And every fear and all, save only this:

That she was young, and it was perfect bliss

To be alive where suns so goldenly shine,

And bees go drunk with fragrant honey-wine,

And the cicadas sing from morn till night,

And rivers run so cool and pure and bright . . .

Stretched all her length, arms under head, she lay

In the deep grass, while the sun kissed away

The drops that sleeked her skin. Slender and fine

As those old images of the gods that shine

With smooth-worn silver, polished through the years

By the touching lips of countless worshippers,

Her body was; and the sun’s golden heat

Clothed her in softest flame from head to feet

And was her mantle, that she scarcely knew

The conscious sense of nakedness.
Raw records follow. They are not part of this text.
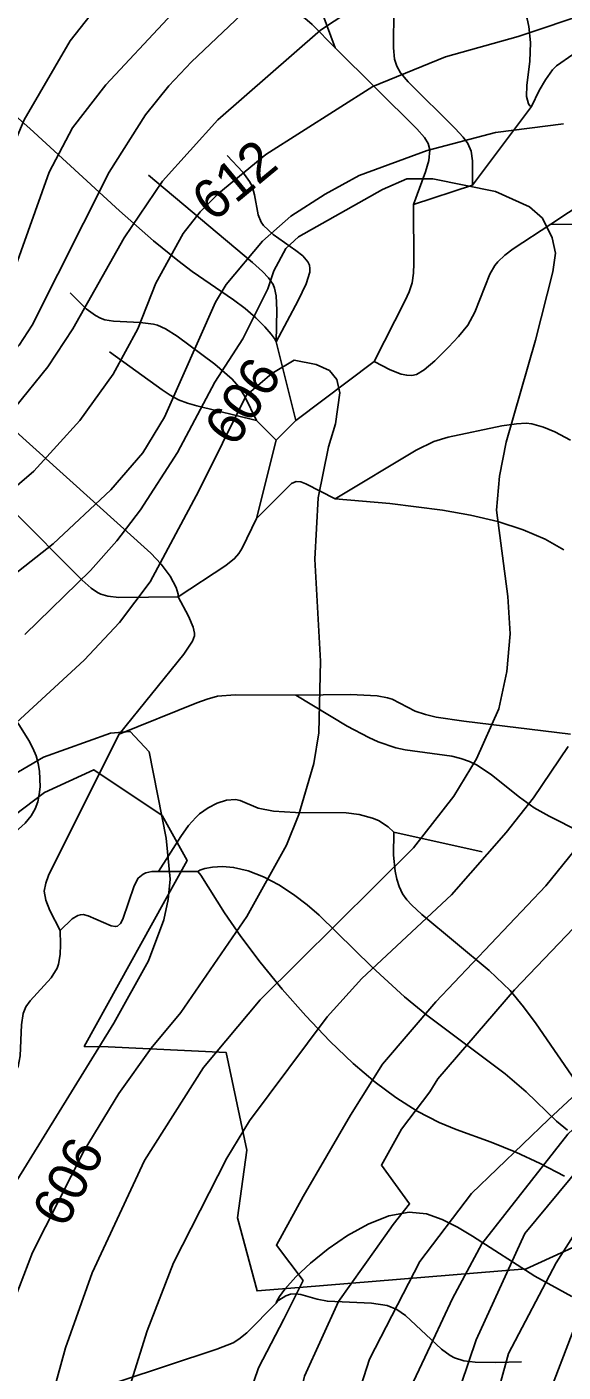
# Model space of a CAD drawing. Extents: x -709584 to -702006, y -1161789 to -1157496.
# Drawn here: x -707810.5 to -707673.9, y -1161499.6 to -1161156.7 of the extents above; entities that cross this region are included whole.
import ezdxf

# ---------------------------------------------------------------- set-up
doc = ezdxf.new("R2010")
doc.units = 0
for name, color, linetype in [('103_hranice KÚ', 7, 'Continuous'), ('120_vrstevnice hlavní', 7, 'Continuous'), ('121_vrstevnice hlavní_popis', 7, 'Continuous'), ('122_vrstevnice základní', 7, 'Continuous'), ('411_akumulovaný odtok', 7, 'Continuous')]:
    doc.layers.add(name, color=color, linetype=linetype)

msp = doc.modelspace()

# ---------------------------------------------------------------- linework, layer by layer
at = {"layer": '103_hranice KÚ'}
msp.add_lwpolyline([(-708069.08, -1161360.53), (-708050.18, -1161381.5), (-708038.46, -1161387.29), (-708031.75, -1161416.26), (-708000.37, -1161425.28), (-707968.86, -1161427.91), (-707949.51, -1161427.57), (-707922.12, -1161425.59), (-707904.25, -1161423.49), (-707882.47, -1161412.64), (-707826.8, -1161367.54), (-707806.04, -1161351.84), (-707793.47, -1161346.03), (-707776.08, -1161357.69), (-707769.68, -1161369.15), (-707795.87, -1161416.57), (-707789.81, -1161416.7), (-707759.7, -1161418.15), (-707754.5, -1161443.02), (-707756.84, -1161460.29), (-707751.86, -1161478.91), (-707741.1, -1161478.02), (-707683.31, -1161473.27), (-707622.03, -1161445.19)], dxfattribs=at)
at = {"layer": '120_vrstevnice hlavní'}
for points in [[(-708071.14, -1161216.26), (-708033.53, -1161253.87), (-708005.9, -1161274.7), (-707990.71, -1161284.24), (-707976.1, -1161291.62), (-707965.69, -1161295.24), (-707955.28, -1161297.7), (-707941.39, -1161298.85), (-707925.77, -1161297.7), (-707913.62, -1161295.09), (-707909.57, -1161293.65), (-707898.43, -1161288), (-707888.74, -1161281.35), (-707855.47, -1161255.6), (-707847.66, -1161248.8), (-707843.03, -1161243.74), (-707834.35, -1161231.59), (-707823.94, -1161210.47), (-707811.21, -1161180.39), (-707799.49, -1161160.28), (-707790.53, -1161148.86)], [(-707818.3, -1161299.86), (-707803.83, -1161288.44), (-707789.08, -1161274.7), (-707780.98, -1161265.29), (-707775.48, -1161256.18), (-707762.46, -1161226.82), (-707759.72, -1161222.33), (-707750.46, -1161211.34), (-707743.23, -1161204.98), (-707734.55, -1161199.34), (-707725.87, -1161194.56), (-707708.51, -1161188.2), (-707691.16, -1161183.57), (-707673.8, -1161181.4)], [(-707672.64, -1161340.08), (-707681.46, -1161353.24), (-707688.41, -1161362.06), (-707702.29, -1161377.97), (-707725.15, -1161399.24), (-707733.97, -1161409.07), (-707753.79, -1161435.54), (-707759.57, -1161445.09)], [(-707566.55, -1161362.44), (-707592.55, -1161378.65), (-707638.19, -1161415.19), (-707657.65, -1161432.93), (-707683.65, -1161464.22), (-707696.08, -1161491.35), (-707705.77, -1161520.01), (-707708.51, -1161548.36), (-707709.24, -1161564.56), (-707709.09, -1161589.73), (-707708.08, -1161607.09), (-707705.04, -1161628.79), (-707702.66, -1161641.02)], [(-707759.57, -1161445.09), (-707773.17, -1161471.7), (-707779.82, -1161489.06), (-707783.87, -1161501.79), (-707787.2, -1161517.99), (-707788.38, -1161552.61), (-707777.46, -1161554.87), (-707778.23, -1161617.65)]]:
    msp.add_lwpolyline(points, dxfattribs=at)
at = {"layer": '122_vrstevnice základní'}
for points in [[(-707728.62, -1161127.74), (-707768.54, -1161165.63), (-707774.33, -1161171.71), (-707780.26, -1161179.09), (-707789.51, -1161193.7), (-707809.19, -1161232.75), (-707812.51, -1161237.81), (-707821.62, -1161248.08), (-707827.99, -1161254.01), (-707840.57, -1161264.14), (-707869.94, -1161285.54), (-707895.54, -1161305.94), (-707909.28, -1161314.47), (-707927.79, -1161323.3), (-707934.74, -1161325.18), (-707941.68, -1161326.33), (-707950.94, -1161326.77), (-707969.45, -1161324.45), (-707985.65, -1161319.82), (-708006.77, -1161310.13), (-708043.8, -1161287.86), (-708071.14, -1161267.32)], [(-707758.99, -1161137.72), (-707790.38, -1161171.42), (-707798.92, -1161182.41), (-707804.85, -1161193.7), (-707815.55, -1161223.78), (-707822.06, -1161235.35), (-707831.75, -1161246.49), (-707844.77, -1161257.05), (-707860.97, -1161269.05), (-707888.45, -1161290.75), (-707900.02, -1161298.13), (-707916.22, -1161305.51), (-707926.35, -1161308.83), (-707936.47, -1161311), (-707942.55, -1161311.58), (-707950.65, -1161311.44), (-707958.75, -1161310.42), (-707968.87, -1161308.25)], [(-708057.11, -1161301.89), (-708024.85, -1161326.62), (-708011.4, -1161334.58), (-708001.27, -1161339.21), (-707985.07, -1161344.42), (-707974.95, -1161346.15), (-707966.85, -1161346.73), (-707957.01, -1161346.44), (-707941.39, -1161344.7), (-707930.98, -1161341.81), (-707923.17, -1161338.63), (-707913.91, -1161334), (-707900.46, -1161325.18), (-707841.58, -1161278.75), (-707820.61, -1161261.1), (-707813.38, -1161253.58), (-707805.14, -1161243.31), (-707798.77, -1161233.62), (-707785.75, -1161210.47), (-707775.92, -1161196.01), (-707761.89, -1161180.39), (-707735.71, -1161157.53), (-707725, -1161150.45)], [(-707828.28, -1161286.7), (-707808.75, -1161269.92), (-707797.04, -1161257.05), (-707788.5, -1161245.19), (-707782.28, -1161233.62), (-707777.65, -1161222.05), (-707770.71, -1161209.32), (-707766.37, -1161203.82), (-707761.6, -1161199.05), (-707749.59, -1161189.21), (-707722.4, -1161171.85), (-707703.88, -1161164.33), (-707685.37, -1161159.12), (-707666.85, -1161152.91)], [(-707630.84, -1161153.48), (-707625.63, -1161160.14), (-707622.02, -1161170.55), (-707622.02, -1161178.36), (-707629.83, -1161207), (-707634.46, -1161230.15), (-707635.32, -1161241.72), (-707634.31, -1161275.85), (-707634.6, -1161283.95), (-707636.33, -1161295.53), (-707639.08, -1161307.1), (-707643.42, -1161320.11), (-707646.75, -1161327.93), (-707653.55, -1161340.94), (-707664.97, -1161359.17), (-707678.28, -1161375.66), (-707706.34, -1161405.17), (-707719.94, -1161421.08), (-707728.1, -1161434.06), (-707740.16, -1161454.79), (-707746.94, -1161467.23), (-707740.16, -1161476.28)], [(-707811.07, -1161311.58), (-707794.29, -1161295.24), (-707787.63, -1161287.71), (-707781.56, -1161279.76), (-707772.16, -1161265.15), (-707762.61, -1161247.21), (-707755.52, -1161236.22), (-707749.16, -1161223.49), (-707747.57, -1161218.86), (-707744.53, -1161213.22), (-707741.35, -1161210.19), (-707719.94, -1161198.18), (-707713.72, -1161195.43), (-707707.07, -1161195.43), (-707691.16, -1161198.61), (-707682.48, -1161202.52), (-707679.15, -1161205.41), (-707676.69, -1161210.47), (-707675.82, -1161214.38), (-707676.55, -1161219.15), (-707680.89, -1161236.51), (-707688.41, -1161262.55), (-707690.14, -1161271.23), (-707690.87, -1161279.9), (-707687.97, -1161301.89), (-707687.4, -1161311.44), (-707688.26, -1161320.98), (-707690.29, -1161330.53), (-707695.93, -1161343.26), (-707701.71, -1161352.8), (-707711.98, -1161365.97), (-707751.04, -1161404.73), (-707765.5, -1161421.94), (-707780.55, -1161445.67), (-707793.85, -1161474.31), (-707800.65, -1161493.4), (-707805.57, -1161511.33)], [(-707850.12, -1161367.99), (-707795.88, -1161318.09), (-707786.91, -1161308.54), (-707779.1, -1161298.13), (-707766.66, -1161274.99), (-707754.65, -1161250.69), (-707748.09, -1161245.04), (-707742.45, -1161241.66), (-707736.81, -1161242.79), (-707733.42, -1161244.29), (-707731.54, -1161246.55), (-707730.79, -1161249.94), (-707731.92, -1161257.84), (-707733.68, -1161263.7), (-707736.28, -1161276.72), (-707737.15, -1161292.34), (-707735.71, -1161318.38), (-707736.14, -1161336.6), (-707737.44, -1161344.42), (-707741.2, -1161357.43), (-707744.39, -1161365.24), (-707754.51, -1161383.47), (-707771.29, -1161407.91), (-707778.81, -1161417.03), (-707787.05, -1161428.6), (-707795.88, -1161443.06), (-707809.04, -1161469.1), (-707818.01, -1161492.24)], [(-707814.1, -1161347.45), (-707806.29, -1161342.82), (-707789.22, -1161336.75), (-707784.16, -1161336.31), (-707779.39, -1161341.52), (-707775.05, -1161363.51), (-707774.04, -1161373.92), (-707774.47, -1161379.13), (-707775.63, -1161384.34), (-707779.53, -1161394.75), (-707788.36, -1161410.66), (-707816.85, -1161456.95)], [(-707637.93, -1161346.15), (-707648.92, -1161360.9), (-707663.67, -1161378.55), (-707686.24, -1161402.13), (-707705.8, -1161424.83), (-707707.88, -1161428.12), (-707715.08, -1161437.67), (-707720.19, -1161446.88), (-707713.03, -1161456.68), (-707717.18, -1161461.95), (-707721.7, -1161468.36), (-707731.12, -1161481.55), (-707739.76, -1161500.63), (-707745.25, -1161523.77), (-707750.46, -1161552.7), (-707752.77, -1161570.06), (-707753.21, -1161593.49), (-707752.48, -1161609.11), (-707750.75, -1161628.79), (-707749.02, -1161641.02)], [(-707718.6, -1161641.02), (-707720.81, -1161629.65), (-707725.15, -1161588), (-707725.44, -1161556.75), (-707723.27, -1161535.92), (-707720.66, -1161520.3), (-707707, -1161491.35), (-707702.11, -1161480.8), (-707694.57, -1161466.85), (-707672.72, -1161438.96), (-707643.33, -1161411.44), (-707624.57, -1161396.37), (-707596.69, -1161372.62)], [(-707573.71, -1161378.27), (-707622.23, -1161411.07), (-707642.2, -1161426.52), (-707658.31, -1161444.58), (-707675.64, -1161471.72), (-707687.83, -1161494.84), (-707692.46, -1161511.91), (-707696.8, -1161535.06), (-707698.39, -1161561.09), (-707698.24, -1161572.08), (-707696.8, -1161590.31), (-707694.92, -1161603.62), (-707687.58, -1161641.02)], [(-707660.66, -1161419.36), (-707677.62, -1161435.19), (-707697.21, -1161454.04), (-707710.4, -1161471.38), (-707723.21, -1161496.25), (-707735.27, -1161533.9), (-707738.31, -1161551.26), (-707740.05, -1161577.29), (-707740.05, -1161591.47), (-707738.74, -1161610.56), (-707736.28, -1161630.81), (-707734.14, -1161641.02)], [(-707740.16, -1161476.28), (-707745.06, -1161486.08), (-707751.46, -1161498.52), (-707755.23, -1161509.45), (-707767.24, -1161542), (-707771.58, -1161565.14), (-707772.73, -1161582.21), (-707770.71, -1161609.4), (-707766.95, -1161635.44), (-707765.62, -1161641.02)], [(-707670.91, -1161641.02), (-707678.14, -1161612.3), (-707682.62, -1161591.76), (-707685.66, -1161572.66), (-707685.95, -1161559.94), (-707684.94, -1161547.21), (-707682.19, -1161524.93), (-707679.01, -1161509.02), (-707674.23, -1161496.63), (-707670.46, -1161486.83)]]:
    msp.add_lwpolyline(points, dxfattribs=at)
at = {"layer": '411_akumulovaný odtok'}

The blue,

Far hills and the faint fringes of the sky

Shimmered and pulsed in the heat uneasily,

And hidden in the grass, cicadas shrill

Dizzied the air with ceaseless noise, until

A listener might wonder if they cried

In his own head or in the world outside.

Sometimes she shut her eyelids, and wrapped round

In a red darkness, with the muffled sound

And throb of blood beating within her brain,

Savoured intensely to the verge of pain

Her own young life, hoarded it up behind

Her shuttered lids, until, too long confined,

It burst them open and her prisoned soul

Flew forth and took possession of the whole

Exquisite world about her and was made

A part of it. Meanwhile her maidens played,

Singing an ancient song of death and birth,

Seed-time and harvest, old as the grey earth,

And moving to their music in a dance

As immemorial. A numbing trance

Came gradually over her, as though

Flake after downy-feathered flake of snow

Had muffled all her senses, drifting deep

And warm and quiet.

From this all-but sleep

She started into life again; the sky

Was full of a strange tumult suddenly—

Beating of mighty wings and shrill-voiced fear

And the hoarse scream of rapine following near.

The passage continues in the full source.